A first multiple processors,
A second multiple processors,
A first bus to which the plurality of first processors are connected;
A second bus to which the plurality of second processors are connected;
The first and the external bus I / F first external bus connectable,
A second external bus I / F second external bus can be connected, a provided on one semiconductor chip,
Said first processor and said second processor is controlled by a separate system clock, Ri frequency or phase Do different,
The plurality of first processors includes the first external bus provided outside the semiconductor chip via the first bus and the first external bus I / F without going through the second bus. Is accessible to
The plurality of first processors can access the second external bus via the first bus, the second bus, and a second external bus I / F,
The plurality of second processors include the second external bus provided outside the semiconductor chip via the second bus and the second external bus I / F without going through the first bus. Is accessible to the
A multiprocessor device characterized by that.
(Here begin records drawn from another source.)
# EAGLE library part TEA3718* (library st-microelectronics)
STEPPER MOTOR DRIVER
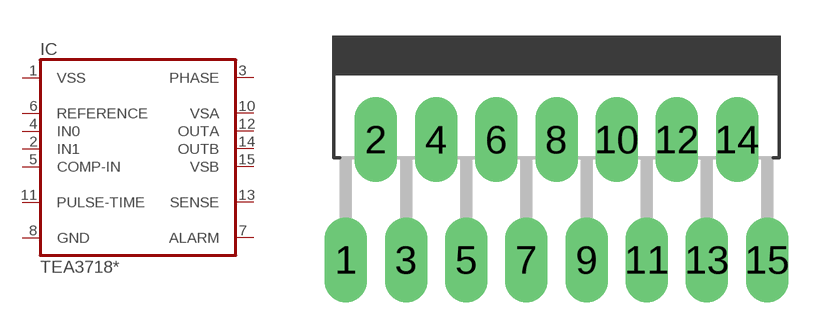
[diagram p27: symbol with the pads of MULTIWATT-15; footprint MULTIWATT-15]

Designator prefix IC

## TEA3718SP (MPN: E-TEA3718SP; OC_FARNELL: unknown; OC_NEWARK: 37M2588)  [MULTIWATT-15]
1  VSS  pwr
2  IN1  in
3  PHASE  in
4  IN0  in
5  COMP-IN  in
6  REFERENCE  in
7  ALARM  oc
8  GND  pwr
10  VSA  pwr
11  PULSE-TIME  pas
12  OUTA  out
13  SENSE  in
14  OUTB  out
15  VSB  pwr

## Footprint MULTIWATT-15 (pad centres in mm)
Multiwatt 15 lead
drill 1.2 long: 1 -8.89,-7.62; 2 -7.62,-2.54; 3 -6.35,-7.62; 4 -5.08,-2.54; 5 -3.81,-7.62; 6 -2.54,-2.54; 7 -1.27,-7.62; 8 0,-2.54; 9 1.27,-7.62; 10 2.54,-2.54; 11 3.81,-7.62; 12 5.08,-2.54; 13 6.35,-7.62; 14 7.62,-2.54; 15 8.89,-7.62
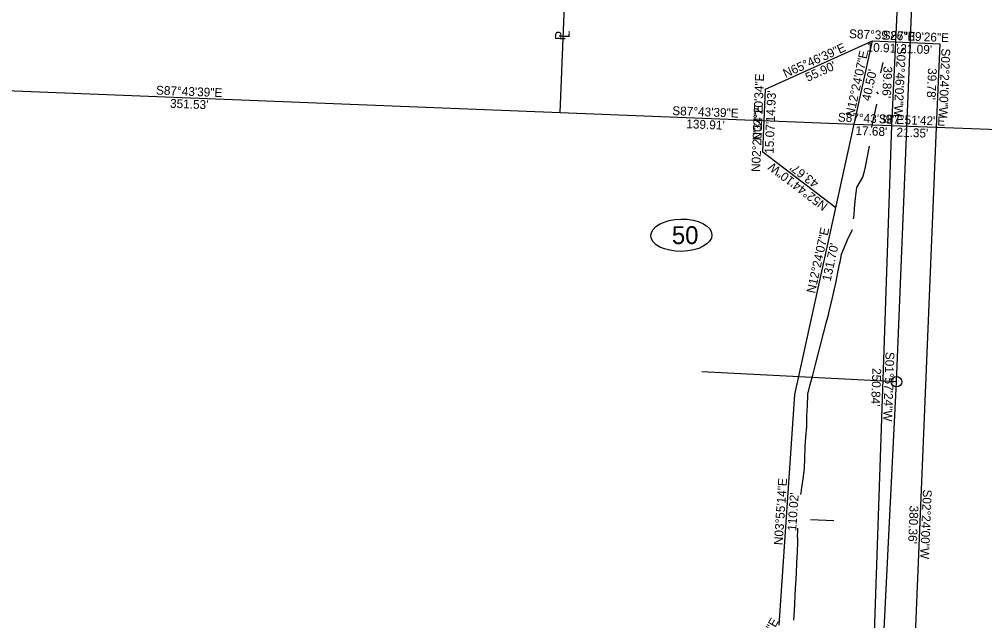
# Model space of a CAD drawing. Extents: x 1145508 to 2262867, y -3126236 to 2021677.
# Drawn here: x 1149967.4 to 1150426.5, y 2019978.9 to 2020265.1 of the extents above; entities that cross this region are included whole.
import ezdxf

# ---------------------------------------------------------------- set-up
doc = ezdxf.new("R2010")
doc.units = 0
for name, color, linetype in [('DSN_RDWY_Alignment', 7, 'Continuous'), ('DSN_RDWY_Const Limits', 7, 'Continuous'), ('DSN_ROW_Annotation', 7, 'Continuous'), ('DSN_ROW_Esmnt', 7, 'Continuous'), ('DSN_ROW_Line', 7, 'Continuous'), ('DSN_ROW_Line-Annotation', 7, 'Continuous'), ('DSN_ROW_Prop-Line', 7, 'Continuous'), ('DSN_ROW_Prop-Line-Annotation', 7, 'Continuous'), ('E_Const Align', 7, 'Continuous'), ('EX_QSECTION', 7, 'Continuous'), ('EX_ROW_ANNOT', 7, 'Continuous'), ('EX_SIGN', 7, 'Continuous')]:
    doc.layers.add(name, color=color, linetype=linetype)

msp = doc.modelspace()

# ---------------------------------------------------------------- linework, layer by layer
at = {"layer": 'DSN_RDWY_Alignment'}
for p, q in [((1150384.54, 2020092.58), (1150392.37, 2020283.97)), ((1150370.24, 2019808.25), (1150384.54, 2020092.58))]:
    msp.add_line(p, q, dxfattribs=at)
msp.add_lwpolyline([(1150384.54, 2020092.58), (1150292.02, 2020097.23)], dxfattribs=at)
msp.add_circle((1150384.54, 2020092.58), 2.5, dxfattribs=at)
at = {"layer": 'DSN_RDWY_Const Limits'}
for points in [[(1150377.02, 2020239.56), (1150378.22, 2020244.51)], [(1150376.04, 2020229.59), (1150375.14, 2020230.54)], [(1150372.84, 2020213.6), (1150372.85, 2020213.71), (1150373.04, 2020214.7), (1150374.15, 2020219.66), (1150375.22, 2020224.62)], [(1150364.16, 2020170.03), (1150364.35, 2020171.9), (1150364.6, 2020175.01), (1150365.1, 2020180), (1150365.68, 2020184.98), (1150368.47, 2020189.87), (1150369.27, 2020192.72), (1150369.79, 2020194.82), (1150370.71, 2020199.78), (1150371.64, 2020204.75)], [(1150338.99, 2020038.86), (1150339.3, 2020040.76), (1150339.38, 2020041.33), (1150339.5, 2020042.14), (1150340.1, 2020046.3), (1150340.81, 2020051.27), (1150341, 2020056.27), (1150341.03, 2020061.28), (1150341.03, 2020062), (1150341.4, 2020066.26), (1150341.84, 2020071.25), (1150341.96, 2020076.25), (1150342.17, 2020081.24), (1150342.31, 2020086.24), (1150342.42, 2020086.68), (1150343.52, 2020091.19), (1150344.43, 2020094.59), (1150344.81, 2020095.76), (1150346.08, 2020100.71), (1150347.29, 2020105.66), (1150347.31, 2020105.75), (1150348.57, 2020110.61), (1150349.86, 2020115.57), (1150351.15, 2020120.52), (1150352.34, 2020125.08), (1150352.43, 2020125.47), (1150353.56, 2020130.43), (1150354.69, 2020135.39), (1150355.82, 2020140.34), (1150356.83, 2020145.31), (1150357.49, 2020148.53), (1150357.84, 2020150.27), (1150358.45, 2020153.25), (1150359.11, 2020155.22), (1150361.22, 2020160.14), (1150363.59, 2020165.05)], [(1150335.68, 2019979.11), (1150335.9, 2019981.43), (1150336.14, 2019986.43), (1150336.39, 2019991.42), (1150336.67, 2019996.41), (1150336.96, 2020001.4), (1150337.18, 2020006.4), (1150337.42, 2020011.39), (1150337.67, 2020016.39), (1150337.69, 2020018.07), (1150337.47, 2020018.86), (1150337.59, 2020021.4), (1150337.67, 2020022.86)]]:
    msp.add_lwpolyline(points, dxfattribs=at)
at = {"layer": 'DSN_ROW_Esmnt'}
for p, q in [((1150322.18, 2020231.79), (1150373.16, 2020254.73)), ((1150321.57, 2020216.88), (1150322.18, 2020231.79)), ((1150320.96, 2020201.82), (1150321.57, 2020216.88)), ((1150355.71, 2020175.38), (1150320.96, 2020201.82))]:
    msp.add_line(p, q, dxfattribs=at)
at = {"layer": 'DSN_ROW_Line'}
for p, q in [((1150364.46, 2020215.17), (1150373.16, 2020254.73)), ((1150373.16, 2020254.73), (1150384.06, 2020254.28)), ((1150384.06, 2020254.28), (1150405.14, 2020253.42)), ((1150405.14, 2020253.42), (1150403.47, 2020213.68)), ((1150336.18, 2020086.55), (1150364.46, 2020215.17)), ((1150403.47, 2020213.68), (1150387.54, 2019833.65)), ((1150328.66, 2019976.79), (1150336.18, 2020086.55))]:
    msp.add_line(p, q, dxfattribs=at)
at = {"layer": 'DSN_ROW_Line-Annotation'}
msp.add_ellipse((1150282.23, 2020162.3), major_axis=(14.54, 0.23), ratio=0.529773, dxfattribs=at)
at = {"layer": 'DSN_ROW_Prop-Line'}
msp.add_line((1150224.66, 2020220.72), (1150230.15, 2020357.67), dxfattribs=at)
at = {"layer": 'E_Const Align'}
msp.add_arc((1156951.39, 2010282.18), 11459.16, 121.829445, 126.548983, dxfattribs=at)
msp.add_arc((1156951.39, 2010282.18), 11459.16, 121.829445, 126.548983, dxfattribs=at)
at = {"layer": 'EX_QSECTION'}
for p, q in [((1150388.75, 2020351.41), (1150384.06, 2020254.28)), ((1150384.06, 2020254.28), (1150382.13, 2020214.47)), ((1149873.41, 2020234.66), (1150224.66, 2020220.72)), ((1150224.66, 2020220.72), (1150364.46, 2020215.17)), ((1150364.46, 2020215.17), (1150382.13, 2020214.47)), ((1150382.13, 2020214.47), (1150373.57, 2019963.78)), ((1150382.13, 2020214.47), (1150403.47, 2020213.68)), ((1150403.47, 2020213.68), (1150507.05, 2020209.81))]:
    msp.add_line(p, q, dxfattribs=at)
at = {"layer": 'EX_SIGN'}
msp.add_line((1150343.67, 2020027.02), (1150354.74, 2020026.58), dxfattribs=at)

# ---------------------------------------------------------------- texts
at = {"layer": 'DSN_ROW_Annotation'}
for s, rotation, p in [('S87°39\'26"E', 357.6573, (1150361.9, 2020256.09)), ('S87°39\'26"E', 357.6573, (1150377.89, 2020255.44)), ('N65°46\'39"E', 24.2224, (1150331.75, 2020237.09)), ("10.91'", 357.6573, (1150370.25, 2020249.74)), ("21.09'", 357.6573, (1150386.24, 2020249.09)), ('S02°24\'00"W', 267.6, (1150405.95, 2020251.26)), ('N12°24\'07"E', 77.5981, (1150364.27, 2020218.49)), ("55.90'", 24.2224, (1150342.33, 2020235.27)), ("40.50'", 77.5981, (1150372.04, 2020225.89)), ("39.78'", 267.6, (1150399.55, 2020241.91)), ('N02°20\'34"E', 87.6573, (1150320.28, 2020207.33)), ("14.93'", 87.6573, (1150326.64, 2020215.98)), ('N02°20\'34"E', 87.6573, (1150319.67, 2020192.34)), ("15.07'", 87.6573, (1150326.03, 2020200.99)), ('N52°44\'10"W', 142.7362, (1150352.17, 2020176.94)), ("43.67'", 142.7362, (1150347.91, 2020187.72)), ('N12°24\'07"E', 77.5981, (1150345.78, 2020134.4)), ("131.70'", 77.5981, (1150353.19, 2020140.14)), ('N03°55\'14"E', 86.0793, (1150330.35, 2020014.71)), ("110.02'", 86.0793, (1150336.83, 2020021.49)), ('S02°24\'00"W', 267.6, (1150397.15, 2020041.38)), ("380.36'", 267.6, (1150390.82, 2020033.73)), ('N29°26\'39"E', 60.5559, (1150313.03, 2019950.93))]:
    msp.add_text(s, height=4.2, rotation=rotation, dxfattribs=at).set_placement(p)
at = {"layer": 'DSN_ROW_Line-Annotation'}
msp.add_text('50', height=8.5, dxfattribs=at).set_placement((1150277.72, 2020158.09))
at = {"layer": 'DSN_ROW_Prop-Line-Annotation'}
for s, p in [('L', (1150229.02, 2020256.02)), ('P', (1150227.06, 2020254.94))]:
    msp.add_text(s, height=5, rotation=87.5589, dxfattribs=at).set_placement(p)
at = {"layer": 'EX_ROW_ANNOT'}
for s, rotation, p in [('S02°46\'02"W', 267.2328, (1150384.85, 2020252.08)), ('S02°46\'02"W', 267.2328, (1150384.85, 2020252.08)), ("39.86'", 267.2328, (1150378.4, 2020242.77)), ("39.86'", 267.2328, (1150378.4, 2020242.77)), ('S87°43\'39"E', 357.7276, (1150032.32, 2020229.25)), ('S87°43\'39"E', 357.7276, (1150032.32, 2020229.25)), ("351.53'", 357.7276, (1150038.98, 2020222.98)), ("351.53'", 357.7276, (1150038.98, 2020222.98)), ('S87°43\'39"E', 357.7276, (1150277.85, 2020219.51)), ('S87°43\'39"E', 357.7276, (1150277.85, 2020219.51)), ('S87°43\'39"E', 357.7276, (1150356.59, 2020216.39)), ('S87°43\'39"E', 357.7276, (1150356.59, 2020216.39)), ('S87°51\'42"E', 357.8615, (1150376.08, 2020215.6)), ('S87°51\'42"E', 357.8615, (1150376.08, 2020215.6)), ("139.91'", 357.7276, (1150284.51, 2020213.24)), ("139.91'", 357.7276, (1150284.51, 2020213.24)), ("17.68'", 357.7276, (1150364.95, 2020210.05)), ("17.68'", 357.7276, (1150364.95, 2020210.05)), ("21.35'", 357.8615, (1150384.46, 2020209.28)), ("21.35'", 357.8615, (1150384.46, 2020209.28)), ('S01°57\'24"W', 268.0433, (1150379.36, 2020106.86)), ('S01°57\'24"W', 268.0433, (1150379.36, 2020106.86)), ("250.84'", 268.0433, (1150373.09, 2020099.15)), ("250.84'", 268.0433, (1150373.09, 2020099.15))]:
    msp.add_text(s, height=4.2, rotation=rotation, dxfattribs=at).set_placement(p)

doc.saveas('drawing.dxf')
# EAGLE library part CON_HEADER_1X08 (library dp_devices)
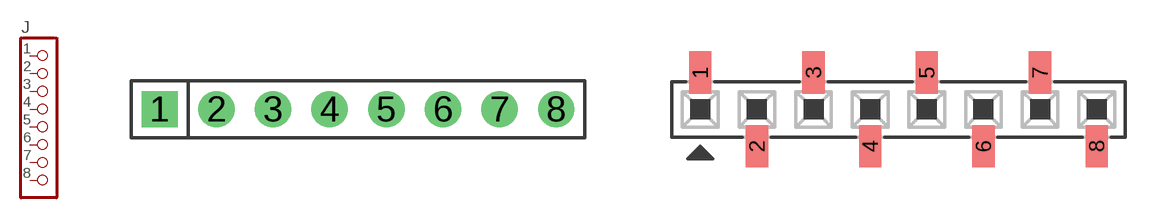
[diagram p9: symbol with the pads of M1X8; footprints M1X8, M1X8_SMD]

Designator prefix J

## CON_HEADER_1X08-PTH  [M1X8]
1  1  pas
2  2  pas
3  3  pas
4  4  pas
5  5  pas
6  6  pas
7  7  pas
8  8  pas

## CON_HEADER_1X08-SMD  [M1X8_SMD]
Pads as for M1X8

## Footprint M1X8 (pad centres in mm)
drill 1.02 pad 1.632 square: 1 -8.89,0
drill 1.02 pad 1.632 round: 2 -6.35,0; 3 -3.81,0; 4 -1.27,0; 5 1.27,0; 6 3.81,0; 7 6.35,0; 8 8.89,0

## Footprint M1X8_SMD (pad centres in mm)
1x08 0.1" header SMD, 1.00 x 1.90 pad size Mfr no: NPTC081KFXC-RC NPTC081KFXC-RC
smd 1 x 1.9: 1 -8.89,1.65; 2 -6.35,-1.65; 3 -3.81,1.65; 4 -1.27,-1.65; 5 1.27,1.65; 6 3.81,-1.65; 7 6.35,1.65; 8 8.89,-1.65

2. The wiring density of power supply wiring in a processor area having a high clock frequency is increased and the wiring density of power supply wiring in a processor area having a low clock frequency is reduced among the first processor and the second processor. The multiprocessor device described.

3. The power supply terminal in the processor group area having a fast clock frequency among the first processor and the second processor is increased, and the power supply terminal in the processor group area having a slow clock frequency is reduced. multiprocessor system according to one paragraph or.

One of the first processor or the second processor, CPU area and the external bus I / F fast processor of the clock frequency according to any one of claims 1 to be located remotely on a semiconductor chip 3 Multiprocessor device.

5. The multiprocessor according to claim 4, wherein a fast clock is supplied to a CPU of the processor having a fast clock frequency, and a part of the clock is generated by gating the bus clock for data processing with the external bus I / F. apparatus.

A secondary cache coupled between the first bus and the second bus;
2. The multiprocessor device according to claim 1, wherein the plurality of first processors are accessible to the second external bus via the secondary cache.

A bus bridge coupled between the first bus and the second bus;
2. The multiprocessor device according to claim 1, wherein the plurality of first processors can access the second external bus via the bus bridge.

A secondary cache coupled to the first bus and the first external bus I / F;
8. The multiprocessor device according to claim 7, wherein the plurality of first processors can access the first external bus via the secondary cache.

9. The multiprocessor device according to claim 1, wherein the plurality of first processors have an SMP configuration, and the plurality of second processors also have an SMP configuration.